### Your goal
Nothing but the lines from the start of the entries through the line containing "(641094.36, 298753.08), dxfattribs=at)" should appear in the answer, each given exactly.

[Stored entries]

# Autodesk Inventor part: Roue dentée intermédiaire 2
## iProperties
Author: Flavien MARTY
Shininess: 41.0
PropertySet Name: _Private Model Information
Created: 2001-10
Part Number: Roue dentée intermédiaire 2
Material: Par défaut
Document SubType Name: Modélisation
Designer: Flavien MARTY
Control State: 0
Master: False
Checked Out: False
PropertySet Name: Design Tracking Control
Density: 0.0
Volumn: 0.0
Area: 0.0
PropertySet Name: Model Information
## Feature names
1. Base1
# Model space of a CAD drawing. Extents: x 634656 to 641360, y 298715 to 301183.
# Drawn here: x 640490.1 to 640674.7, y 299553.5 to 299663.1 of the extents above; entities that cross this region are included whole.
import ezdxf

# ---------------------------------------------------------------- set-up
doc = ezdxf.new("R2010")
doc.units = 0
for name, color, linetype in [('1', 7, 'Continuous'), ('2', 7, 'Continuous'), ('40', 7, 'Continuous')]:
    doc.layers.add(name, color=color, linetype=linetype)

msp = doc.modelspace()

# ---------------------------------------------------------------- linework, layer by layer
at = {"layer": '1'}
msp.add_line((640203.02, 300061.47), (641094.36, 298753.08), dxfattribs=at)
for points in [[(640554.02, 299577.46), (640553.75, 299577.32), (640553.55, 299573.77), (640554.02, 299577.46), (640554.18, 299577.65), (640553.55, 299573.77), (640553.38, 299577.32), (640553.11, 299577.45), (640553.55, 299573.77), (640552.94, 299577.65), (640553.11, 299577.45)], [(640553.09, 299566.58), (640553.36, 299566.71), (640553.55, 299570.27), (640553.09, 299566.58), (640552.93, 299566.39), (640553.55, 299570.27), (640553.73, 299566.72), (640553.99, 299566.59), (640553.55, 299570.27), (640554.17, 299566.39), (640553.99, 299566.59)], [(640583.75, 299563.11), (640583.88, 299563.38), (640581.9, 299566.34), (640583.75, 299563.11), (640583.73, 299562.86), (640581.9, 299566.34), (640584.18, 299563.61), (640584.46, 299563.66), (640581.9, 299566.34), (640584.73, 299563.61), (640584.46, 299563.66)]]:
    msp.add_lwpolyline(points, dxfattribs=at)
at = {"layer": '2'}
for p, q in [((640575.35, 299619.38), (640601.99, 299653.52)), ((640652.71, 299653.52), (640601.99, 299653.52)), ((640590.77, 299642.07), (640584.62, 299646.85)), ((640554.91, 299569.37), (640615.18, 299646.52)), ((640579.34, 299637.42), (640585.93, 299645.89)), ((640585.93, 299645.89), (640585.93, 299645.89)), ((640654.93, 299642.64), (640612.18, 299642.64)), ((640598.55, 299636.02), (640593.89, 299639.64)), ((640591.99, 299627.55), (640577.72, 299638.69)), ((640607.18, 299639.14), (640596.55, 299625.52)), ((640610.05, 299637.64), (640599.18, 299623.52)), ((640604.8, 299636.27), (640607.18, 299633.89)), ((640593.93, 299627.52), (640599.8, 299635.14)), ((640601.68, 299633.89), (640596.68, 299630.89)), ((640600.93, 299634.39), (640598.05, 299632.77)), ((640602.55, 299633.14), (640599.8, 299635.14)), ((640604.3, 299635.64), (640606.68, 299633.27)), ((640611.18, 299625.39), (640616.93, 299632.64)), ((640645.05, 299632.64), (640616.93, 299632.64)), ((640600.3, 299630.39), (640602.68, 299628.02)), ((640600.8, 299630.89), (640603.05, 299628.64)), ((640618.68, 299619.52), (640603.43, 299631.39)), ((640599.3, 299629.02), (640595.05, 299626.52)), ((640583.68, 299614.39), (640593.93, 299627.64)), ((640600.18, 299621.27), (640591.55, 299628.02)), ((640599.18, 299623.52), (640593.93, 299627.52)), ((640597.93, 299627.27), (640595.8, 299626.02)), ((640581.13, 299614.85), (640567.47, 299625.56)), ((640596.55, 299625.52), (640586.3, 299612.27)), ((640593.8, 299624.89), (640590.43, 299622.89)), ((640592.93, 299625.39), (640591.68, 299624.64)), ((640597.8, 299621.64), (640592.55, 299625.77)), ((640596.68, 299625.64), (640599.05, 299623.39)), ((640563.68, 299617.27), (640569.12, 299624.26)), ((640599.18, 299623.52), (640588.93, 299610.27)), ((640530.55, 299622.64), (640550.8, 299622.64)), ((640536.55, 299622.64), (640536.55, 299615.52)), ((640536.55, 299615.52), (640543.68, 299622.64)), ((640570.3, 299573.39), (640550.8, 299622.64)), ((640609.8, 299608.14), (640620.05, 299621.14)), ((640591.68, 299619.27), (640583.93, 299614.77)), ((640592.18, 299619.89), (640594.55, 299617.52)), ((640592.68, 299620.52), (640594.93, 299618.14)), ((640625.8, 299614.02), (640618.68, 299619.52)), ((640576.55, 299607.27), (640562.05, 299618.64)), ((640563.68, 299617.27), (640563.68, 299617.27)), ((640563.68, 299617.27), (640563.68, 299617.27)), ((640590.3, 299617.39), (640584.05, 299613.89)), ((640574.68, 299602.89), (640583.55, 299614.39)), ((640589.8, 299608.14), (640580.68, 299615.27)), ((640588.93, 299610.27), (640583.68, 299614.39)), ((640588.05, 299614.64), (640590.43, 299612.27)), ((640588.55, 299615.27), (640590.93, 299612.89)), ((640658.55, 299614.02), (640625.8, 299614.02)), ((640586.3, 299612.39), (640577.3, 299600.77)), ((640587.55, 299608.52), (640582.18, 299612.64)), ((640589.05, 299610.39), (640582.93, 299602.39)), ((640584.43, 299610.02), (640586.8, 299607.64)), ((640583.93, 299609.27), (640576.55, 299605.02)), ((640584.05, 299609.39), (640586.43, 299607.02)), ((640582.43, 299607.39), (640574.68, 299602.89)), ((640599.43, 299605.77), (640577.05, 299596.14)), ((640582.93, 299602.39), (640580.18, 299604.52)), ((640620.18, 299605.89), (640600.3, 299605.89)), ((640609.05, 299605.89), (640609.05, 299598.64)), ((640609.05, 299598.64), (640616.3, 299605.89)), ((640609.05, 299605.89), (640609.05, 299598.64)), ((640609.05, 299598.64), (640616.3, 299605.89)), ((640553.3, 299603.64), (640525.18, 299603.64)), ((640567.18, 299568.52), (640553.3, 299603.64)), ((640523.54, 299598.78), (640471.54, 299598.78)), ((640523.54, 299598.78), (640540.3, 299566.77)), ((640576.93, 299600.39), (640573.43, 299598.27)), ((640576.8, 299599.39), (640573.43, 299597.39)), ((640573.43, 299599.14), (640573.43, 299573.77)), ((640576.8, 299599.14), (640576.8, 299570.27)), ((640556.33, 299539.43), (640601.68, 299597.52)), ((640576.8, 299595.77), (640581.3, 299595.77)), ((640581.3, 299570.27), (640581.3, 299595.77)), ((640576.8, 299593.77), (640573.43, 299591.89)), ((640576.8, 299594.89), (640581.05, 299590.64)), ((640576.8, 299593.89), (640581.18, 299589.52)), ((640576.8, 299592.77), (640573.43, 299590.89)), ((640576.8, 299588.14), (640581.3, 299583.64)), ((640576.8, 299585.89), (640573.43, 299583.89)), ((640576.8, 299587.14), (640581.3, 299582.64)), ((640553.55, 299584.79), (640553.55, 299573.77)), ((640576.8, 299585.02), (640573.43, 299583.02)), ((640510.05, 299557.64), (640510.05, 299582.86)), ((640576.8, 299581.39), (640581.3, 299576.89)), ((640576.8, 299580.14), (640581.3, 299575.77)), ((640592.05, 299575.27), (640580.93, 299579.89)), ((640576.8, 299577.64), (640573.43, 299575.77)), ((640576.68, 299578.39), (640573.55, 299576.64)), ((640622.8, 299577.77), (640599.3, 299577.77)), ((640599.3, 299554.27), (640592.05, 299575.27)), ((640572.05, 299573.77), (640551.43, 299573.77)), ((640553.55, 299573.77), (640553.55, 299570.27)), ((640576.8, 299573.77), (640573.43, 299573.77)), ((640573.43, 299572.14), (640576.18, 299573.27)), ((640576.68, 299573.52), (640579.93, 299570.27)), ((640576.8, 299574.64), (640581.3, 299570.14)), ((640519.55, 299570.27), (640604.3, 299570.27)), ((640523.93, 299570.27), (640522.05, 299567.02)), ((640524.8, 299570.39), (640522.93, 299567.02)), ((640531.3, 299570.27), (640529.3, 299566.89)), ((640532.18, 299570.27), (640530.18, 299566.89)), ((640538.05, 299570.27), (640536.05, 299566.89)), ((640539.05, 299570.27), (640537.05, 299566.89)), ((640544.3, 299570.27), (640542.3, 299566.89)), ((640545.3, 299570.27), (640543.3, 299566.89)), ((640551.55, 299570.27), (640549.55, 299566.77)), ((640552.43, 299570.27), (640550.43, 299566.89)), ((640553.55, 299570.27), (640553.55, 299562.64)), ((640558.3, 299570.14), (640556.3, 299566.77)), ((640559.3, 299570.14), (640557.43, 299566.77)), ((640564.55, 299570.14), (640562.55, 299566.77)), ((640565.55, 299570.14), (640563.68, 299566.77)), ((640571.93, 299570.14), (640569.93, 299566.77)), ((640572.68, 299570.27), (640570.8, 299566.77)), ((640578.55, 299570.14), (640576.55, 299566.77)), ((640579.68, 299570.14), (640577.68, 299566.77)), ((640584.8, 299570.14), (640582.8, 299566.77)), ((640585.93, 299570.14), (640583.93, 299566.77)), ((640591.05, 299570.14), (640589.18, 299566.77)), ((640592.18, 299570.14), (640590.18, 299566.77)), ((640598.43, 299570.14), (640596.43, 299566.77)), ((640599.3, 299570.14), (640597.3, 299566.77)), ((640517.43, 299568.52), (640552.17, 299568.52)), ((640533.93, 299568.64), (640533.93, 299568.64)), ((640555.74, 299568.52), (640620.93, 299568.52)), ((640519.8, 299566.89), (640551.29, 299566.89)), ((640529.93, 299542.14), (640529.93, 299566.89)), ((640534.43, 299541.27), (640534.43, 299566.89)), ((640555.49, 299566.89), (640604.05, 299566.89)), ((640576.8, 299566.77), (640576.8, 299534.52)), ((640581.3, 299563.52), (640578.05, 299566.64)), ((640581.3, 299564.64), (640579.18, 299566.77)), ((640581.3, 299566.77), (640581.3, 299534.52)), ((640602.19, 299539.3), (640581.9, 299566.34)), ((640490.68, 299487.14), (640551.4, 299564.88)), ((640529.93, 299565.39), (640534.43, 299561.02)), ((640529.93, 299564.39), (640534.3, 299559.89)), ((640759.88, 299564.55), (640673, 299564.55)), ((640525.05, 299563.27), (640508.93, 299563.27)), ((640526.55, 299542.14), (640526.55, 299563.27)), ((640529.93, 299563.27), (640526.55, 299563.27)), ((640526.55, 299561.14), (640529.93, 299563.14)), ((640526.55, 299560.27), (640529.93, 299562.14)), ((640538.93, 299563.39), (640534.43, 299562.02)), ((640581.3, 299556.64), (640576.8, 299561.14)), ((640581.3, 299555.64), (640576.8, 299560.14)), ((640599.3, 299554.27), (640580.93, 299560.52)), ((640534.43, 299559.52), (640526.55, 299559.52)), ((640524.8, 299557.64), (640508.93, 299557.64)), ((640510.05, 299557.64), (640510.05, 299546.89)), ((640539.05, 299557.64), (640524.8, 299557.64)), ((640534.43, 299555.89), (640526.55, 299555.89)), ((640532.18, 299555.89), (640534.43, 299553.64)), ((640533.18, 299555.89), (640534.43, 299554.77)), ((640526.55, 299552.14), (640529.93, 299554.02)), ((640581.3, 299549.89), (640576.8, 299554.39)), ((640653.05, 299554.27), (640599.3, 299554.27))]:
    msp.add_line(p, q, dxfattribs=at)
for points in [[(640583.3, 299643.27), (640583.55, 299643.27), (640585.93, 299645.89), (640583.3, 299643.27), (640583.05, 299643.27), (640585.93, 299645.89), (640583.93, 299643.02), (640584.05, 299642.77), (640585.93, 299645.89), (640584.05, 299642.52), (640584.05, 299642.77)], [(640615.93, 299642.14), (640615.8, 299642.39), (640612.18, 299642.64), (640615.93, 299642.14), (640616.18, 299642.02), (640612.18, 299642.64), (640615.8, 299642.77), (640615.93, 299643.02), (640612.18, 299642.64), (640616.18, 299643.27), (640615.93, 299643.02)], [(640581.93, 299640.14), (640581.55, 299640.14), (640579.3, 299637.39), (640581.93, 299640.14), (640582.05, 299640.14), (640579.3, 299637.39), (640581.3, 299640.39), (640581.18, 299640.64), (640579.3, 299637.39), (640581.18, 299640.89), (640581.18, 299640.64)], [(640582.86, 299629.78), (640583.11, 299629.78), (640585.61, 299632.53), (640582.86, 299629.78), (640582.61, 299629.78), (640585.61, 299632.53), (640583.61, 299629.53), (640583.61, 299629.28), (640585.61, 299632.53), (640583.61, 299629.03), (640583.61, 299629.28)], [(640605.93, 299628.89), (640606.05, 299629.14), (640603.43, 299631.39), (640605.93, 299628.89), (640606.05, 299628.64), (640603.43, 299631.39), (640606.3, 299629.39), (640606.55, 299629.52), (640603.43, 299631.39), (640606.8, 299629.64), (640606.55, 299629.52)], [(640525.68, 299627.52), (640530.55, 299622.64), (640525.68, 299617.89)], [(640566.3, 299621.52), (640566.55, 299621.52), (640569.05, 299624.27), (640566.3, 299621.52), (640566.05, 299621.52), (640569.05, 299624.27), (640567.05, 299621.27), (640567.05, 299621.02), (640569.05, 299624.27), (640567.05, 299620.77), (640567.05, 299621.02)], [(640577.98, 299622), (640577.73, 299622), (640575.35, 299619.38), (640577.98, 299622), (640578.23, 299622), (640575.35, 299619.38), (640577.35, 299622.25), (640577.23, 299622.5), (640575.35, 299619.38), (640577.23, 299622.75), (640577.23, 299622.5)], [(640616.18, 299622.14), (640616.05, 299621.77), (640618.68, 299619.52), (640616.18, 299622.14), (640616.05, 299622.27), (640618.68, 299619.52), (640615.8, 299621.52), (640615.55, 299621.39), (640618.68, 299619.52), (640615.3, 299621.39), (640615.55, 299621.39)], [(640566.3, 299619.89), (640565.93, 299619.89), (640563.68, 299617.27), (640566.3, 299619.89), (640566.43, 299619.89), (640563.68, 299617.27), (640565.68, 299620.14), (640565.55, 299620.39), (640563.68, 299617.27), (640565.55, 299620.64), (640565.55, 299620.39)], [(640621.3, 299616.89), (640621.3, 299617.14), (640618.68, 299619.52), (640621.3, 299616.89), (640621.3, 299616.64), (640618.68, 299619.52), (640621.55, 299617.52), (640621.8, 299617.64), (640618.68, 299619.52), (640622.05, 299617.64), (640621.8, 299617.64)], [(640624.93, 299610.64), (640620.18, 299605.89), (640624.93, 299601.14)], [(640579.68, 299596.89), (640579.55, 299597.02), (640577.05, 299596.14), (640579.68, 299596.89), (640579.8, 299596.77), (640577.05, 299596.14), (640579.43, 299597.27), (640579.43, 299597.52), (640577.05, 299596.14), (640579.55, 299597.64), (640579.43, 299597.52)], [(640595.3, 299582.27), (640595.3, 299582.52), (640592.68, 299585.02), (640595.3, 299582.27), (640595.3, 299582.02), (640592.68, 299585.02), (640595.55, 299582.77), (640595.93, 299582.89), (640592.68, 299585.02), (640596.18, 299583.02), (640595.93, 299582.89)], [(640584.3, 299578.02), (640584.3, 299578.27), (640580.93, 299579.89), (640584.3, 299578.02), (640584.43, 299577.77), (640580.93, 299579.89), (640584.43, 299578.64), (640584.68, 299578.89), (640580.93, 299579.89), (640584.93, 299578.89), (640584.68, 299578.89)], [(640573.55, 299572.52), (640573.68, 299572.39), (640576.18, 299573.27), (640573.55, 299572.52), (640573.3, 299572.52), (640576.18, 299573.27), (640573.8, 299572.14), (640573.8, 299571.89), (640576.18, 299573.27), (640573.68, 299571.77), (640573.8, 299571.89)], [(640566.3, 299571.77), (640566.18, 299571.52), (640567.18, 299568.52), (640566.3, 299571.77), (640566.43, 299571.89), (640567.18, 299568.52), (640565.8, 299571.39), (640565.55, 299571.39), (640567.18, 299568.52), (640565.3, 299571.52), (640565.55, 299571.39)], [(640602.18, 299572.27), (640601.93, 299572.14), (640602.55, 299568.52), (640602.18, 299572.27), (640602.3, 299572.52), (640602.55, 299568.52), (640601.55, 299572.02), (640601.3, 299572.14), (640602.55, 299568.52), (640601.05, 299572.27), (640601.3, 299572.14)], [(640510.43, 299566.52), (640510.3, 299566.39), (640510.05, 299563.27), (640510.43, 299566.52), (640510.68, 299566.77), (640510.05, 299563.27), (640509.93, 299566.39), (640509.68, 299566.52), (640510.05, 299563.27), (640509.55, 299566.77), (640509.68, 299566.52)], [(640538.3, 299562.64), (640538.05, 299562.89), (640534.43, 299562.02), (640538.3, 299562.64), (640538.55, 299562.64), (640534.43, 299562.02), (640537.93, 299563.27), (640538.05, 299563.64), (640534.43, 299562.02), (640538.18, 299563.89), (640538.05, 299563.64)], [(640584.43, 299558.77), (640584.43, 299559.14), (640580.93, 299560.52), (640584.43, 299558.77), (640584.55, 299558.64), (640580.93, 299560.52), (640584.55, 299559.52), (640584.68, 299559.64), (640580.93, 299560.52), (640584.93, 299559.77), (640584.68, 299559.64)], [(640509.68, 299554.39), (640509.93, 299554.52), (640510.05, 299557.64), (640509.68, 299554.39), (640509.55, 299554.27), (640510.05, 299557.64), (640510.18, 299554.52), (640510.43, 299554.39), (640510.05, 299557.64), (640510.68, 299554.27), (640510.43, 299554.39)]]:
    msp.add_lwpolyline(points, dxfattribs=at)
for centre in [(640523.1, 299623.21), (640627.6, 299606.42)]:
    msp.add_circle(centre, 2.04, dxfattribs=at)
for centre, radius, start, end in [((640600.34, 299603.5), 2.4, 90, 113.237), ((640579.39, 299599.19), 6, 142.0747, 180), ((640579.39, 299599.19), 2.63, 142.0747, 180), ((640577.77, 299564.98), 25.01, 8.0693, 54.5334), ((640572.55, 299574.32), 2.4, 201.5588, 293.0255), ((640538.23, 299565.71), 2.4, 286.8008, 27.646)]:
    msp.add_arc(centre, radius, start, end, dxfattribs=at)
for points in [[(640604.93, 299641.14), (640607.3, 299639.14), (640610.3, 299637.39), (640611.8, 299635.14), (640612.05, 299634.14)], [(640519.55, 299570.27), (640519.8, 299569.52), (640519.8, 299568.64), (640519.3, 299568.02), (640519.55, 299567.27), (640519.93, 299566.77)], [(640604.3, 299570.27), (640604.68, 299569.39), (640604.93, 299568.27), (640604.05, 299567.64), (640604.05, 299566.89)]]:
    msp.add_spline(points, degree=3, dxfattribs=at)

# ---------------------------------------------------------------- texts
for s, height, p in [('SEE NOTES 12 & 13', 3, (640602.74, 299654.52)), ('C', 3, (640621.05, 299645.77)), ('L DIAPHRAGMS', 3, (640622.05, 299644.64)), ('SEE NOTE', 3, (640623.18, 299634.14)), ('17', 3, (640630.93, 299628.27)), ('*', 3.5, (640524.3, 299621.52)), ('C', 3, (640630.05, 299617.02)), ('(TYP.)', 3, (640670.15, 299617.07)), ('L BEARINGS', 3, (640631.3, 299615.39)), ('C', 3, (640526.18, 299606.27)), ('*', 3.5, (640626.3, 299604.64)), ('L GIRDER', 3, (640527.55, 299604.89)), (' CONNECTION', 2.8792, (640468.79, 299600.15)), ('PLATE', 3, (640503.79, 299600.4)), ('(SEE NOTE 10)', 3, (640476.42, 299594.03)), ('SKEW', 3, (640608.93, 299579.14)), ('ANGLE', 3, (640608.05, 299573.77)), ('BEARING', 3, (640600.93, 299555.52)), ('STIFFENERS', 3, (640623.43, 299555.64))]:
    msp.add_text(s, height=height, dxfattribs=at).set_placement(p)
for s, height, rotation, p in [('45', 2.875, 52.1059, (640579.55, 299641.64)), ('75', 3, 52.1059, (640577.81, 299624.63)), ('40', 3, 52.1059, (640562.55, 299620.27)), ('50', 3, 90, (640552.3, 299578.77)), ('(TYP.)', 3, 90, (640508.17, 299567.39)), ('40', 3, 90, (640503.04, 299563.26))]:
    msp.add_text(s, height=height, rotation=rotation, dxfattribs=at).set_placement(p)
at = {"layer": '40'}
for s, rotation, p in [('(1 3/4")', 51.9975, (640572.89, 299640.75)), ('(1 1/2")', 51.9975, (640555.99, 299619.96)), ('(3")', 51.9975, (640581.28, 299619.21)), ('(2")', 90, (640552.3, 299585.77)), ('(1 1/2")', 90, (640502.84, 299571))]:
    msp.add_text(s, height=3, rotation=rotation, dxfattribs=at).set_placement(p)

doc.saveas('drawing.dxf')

### Reply
# Autodesk Inventor part: Roue dentée intermédiaire 2
## iProperties
Author: Flavien MARTY
Shininess: 41.0
PropertySet Name: _Private Model Information
Created: 2001-10
Part Number: Roue dentée intermédiaire 2
Material: Par défaut
Document SubType Name: Modélisation
Designer: Flavien MARTY
Control State: 0
Master: False
Checked Out: False
PropertySet Name: Design Tracking Control
Density: 0.0
Volumn: 0.0
Area: 0.0
PropertySet Name: Model Information
## Feature names
1. Base1
# Model space of a CAD drawing. Extents: x 634656 to 641360, y 298715 to 301183.
# Drawn here: x 640490.1 to 640674.7, y 299553.5 to 299663.1 of the extents above; entities that cross this region are included whole.
import ezdxf

# ---------------------------------------------------------------- set-up
doc = ezdxf.new("R2010")
doc.units = 0
for name, color, linetype in [('1', 7, 'Continuous'), ('2', 7, 'Continuous'), ('40', 7, 'Continuous')]:
    doc.layers.add(name, color=color, linetype=linetype)

msp = doc.modelspace()

# ---------------------------------------------------------------- linework, layer by layer
at = {"layer": '1'}
msp.add_line((640203.02, 300061.47), (641094.36, 298753.08), dxfattribs=at)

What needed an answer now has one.